We calculate the planetary forces exerted on the tachocline and thereby not only include the immediate forces but we also take into account that these planetary or dynamo actions occur during some time, which demands integration. As an improvement to earlier research on this topic we reconsider the internal convective velocities and we examine several other effects, in particular those due to magnetic buoyancy and to the Coriolis force. The main conclusion is that in its essence: planetary influences are too small to be more than a small modulation of the solar cycle. We do not exclude the possibility that the long term combined action of the planets may induce small internal motions in the sun, which may have indirectly an effect on the solar dynamo after a long time.

From the Introduction:

So far the study of solar variability has identified five solar periodicities with a sufficient degree of significance (cf. the review by De Jager, 2005, Chapter 11).

These periods are:

  • The 11 years Schwabe cycle in the sunspot numbers. We note that this period is far from constant and varies with time, e.g. during the last century the period was closer to 10.6 years.
  • The Hale cycles of solar magnetism encompasses two Schwabe cycles and shows the same variation over the centuries.
  • The 88 years Gleissberg cycle (cf. Peritykh and Damon, 2003). Its length varies strongly over the centuries, with peaks of about 55 and 100 years (Raspopov et al., 2004). The longer period prevailed between 1725 and 1850.
  • The De Vries (Suess) period of 203–208 years, with a fairly sharply defined cycle length.
  • The Hallstatt cycle of about 2300 years. An interesting new development (Nussbaumer et al., 2011) is the finding that Grand Minima of solar activity seem to occasionally cluster together and that there is a periodicity in that clustering. An example of such a cluster is the series of Grand Minima that occurred in the past millennium (viz. the sequence consisting of the Oort, Wolf, Sp¨ orer, Maunder and Dalton minima). This kind of clustering seems to repeat itself with the Hallstatt period.
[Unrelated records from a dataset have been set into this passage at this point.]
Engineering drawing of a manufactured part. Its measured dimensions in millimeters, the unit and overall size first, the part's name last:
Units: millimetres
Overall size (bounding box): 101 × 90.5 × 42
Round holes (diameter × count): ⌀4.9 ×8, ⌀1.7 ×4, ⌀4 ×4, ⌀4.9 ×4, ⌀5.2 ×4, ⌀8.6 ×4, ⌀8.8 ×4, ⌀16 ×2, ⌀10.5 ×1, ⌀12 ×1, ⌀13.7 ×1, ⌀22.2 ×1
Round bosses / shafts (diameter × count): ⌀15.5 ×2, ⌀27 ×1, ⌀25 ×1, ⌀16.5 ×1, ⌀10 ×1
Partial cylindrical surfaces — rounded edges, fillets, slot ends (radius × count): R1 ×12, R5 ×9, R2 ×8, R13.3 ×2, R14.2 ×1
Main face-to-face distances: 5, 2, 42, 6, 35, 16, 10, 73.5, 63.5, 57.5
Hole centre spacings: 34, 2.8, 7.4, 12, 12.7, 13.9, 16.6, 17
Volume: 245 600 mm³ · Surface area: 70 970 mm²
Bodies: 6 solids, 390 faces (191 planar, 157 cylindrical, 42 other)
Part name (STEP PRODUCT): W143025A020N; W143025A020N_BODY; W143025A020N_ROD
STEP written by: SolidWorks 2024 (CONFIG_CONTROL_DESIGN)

It should be remarked in this connection that virtually none of the papers on planetary influences on solar variability succeeded in identifying these five periodicities in the planetary attractions.

Another approach to this problem is the study of climate variations in attempts to search for planetary influences. As an example we mention a paper by Scafetta (2010), who found that climate variations of 0.1–0.25 K with periods of 20–60 years seem to be correlated with orbital motions of Jupiter and Saturn. This was, however, not confirmed in another paper on a similar topic (Humkin et al., 2011). This is another reason for a more fundamental look at the problem: can we identify planetary influences

by looking at the physics of the problem?
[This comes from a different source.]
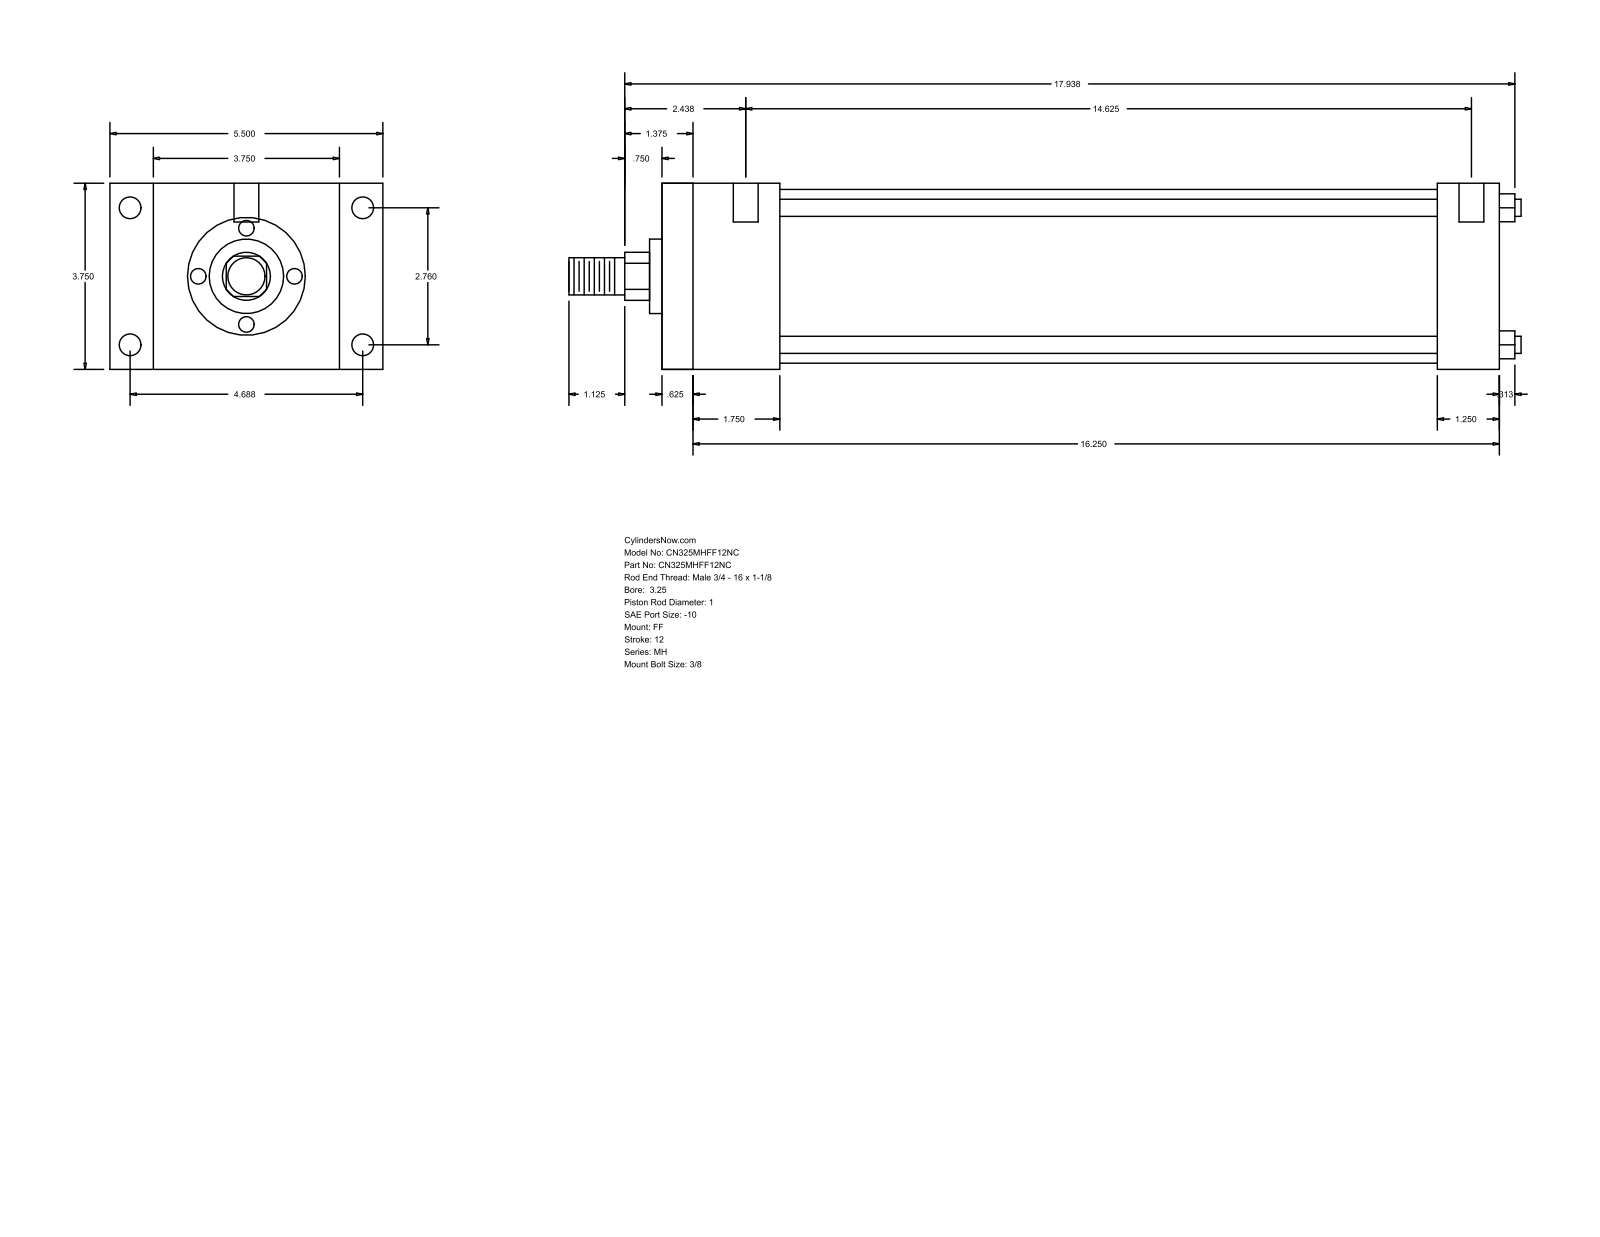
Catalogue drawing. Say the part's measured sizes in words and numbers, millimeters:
The part is named "MH_FF__0325_1". Its 3-D file was written by "GSSL Pune (CONFIG_CONTROL_DESIGN)". It is 0 solids with 92 faces: 64 planar, 28 cylindrical and 0 other. Overall it measures 487.36 by 139.7 by 95.25 millimeters. Round holes: 4 of diameter 5.56, 4 of diameter 11.13, 2 of diameter 12.7. Round bosses or shafts: 4 of diameter 8.76, 1 of diameter 88.9, 1 of diameter 38.1, 1 of diameter 25.4, 1 of diameter 19.05. Partial cylindrical surfaces (rounded edges, fillets, slot ends): 1 of radius 12.29. The main face-to-face distances are 95.24, 428.63, 15.87, 412.76, 22.23, 117.47, 396.88, 381.01, 31.75, 60.33. The hole center spacings are 70.1, 119.06, 138.16, 377.82, 1.58, 4.76, 371.48, 373.06.

The challenge we face here is twofold: planetary influences should be able to reproduce at least the most fundamental of the five periodicities in solar variability, and secondly the planetary accelerations in the level of the solar dynamo should be strong enough to at least equalize or more desirably, to surpass the forces related to the working of the solar dynamo. In this paper we discuss the second aspect, realizing that the attempts to cover

the first aspect have been dealt with sufficiently in literature while the second aspect was grossly neglected so far. A first attempt to discuss it appeared in an earlier paper (De Jager and Versteegh, 2005; henceforth: paper I). They calculated three accelerations:

1) One by tidal forces from Jupiter. They found aJup=2.8=10^-10 m/s^2.

2) One due to the motion of the sun around the centre of mass of the solar system due to the sum of planetary attractions (ainert).

3) The accelerations (adyn) by convective motions in the tachocline and above it.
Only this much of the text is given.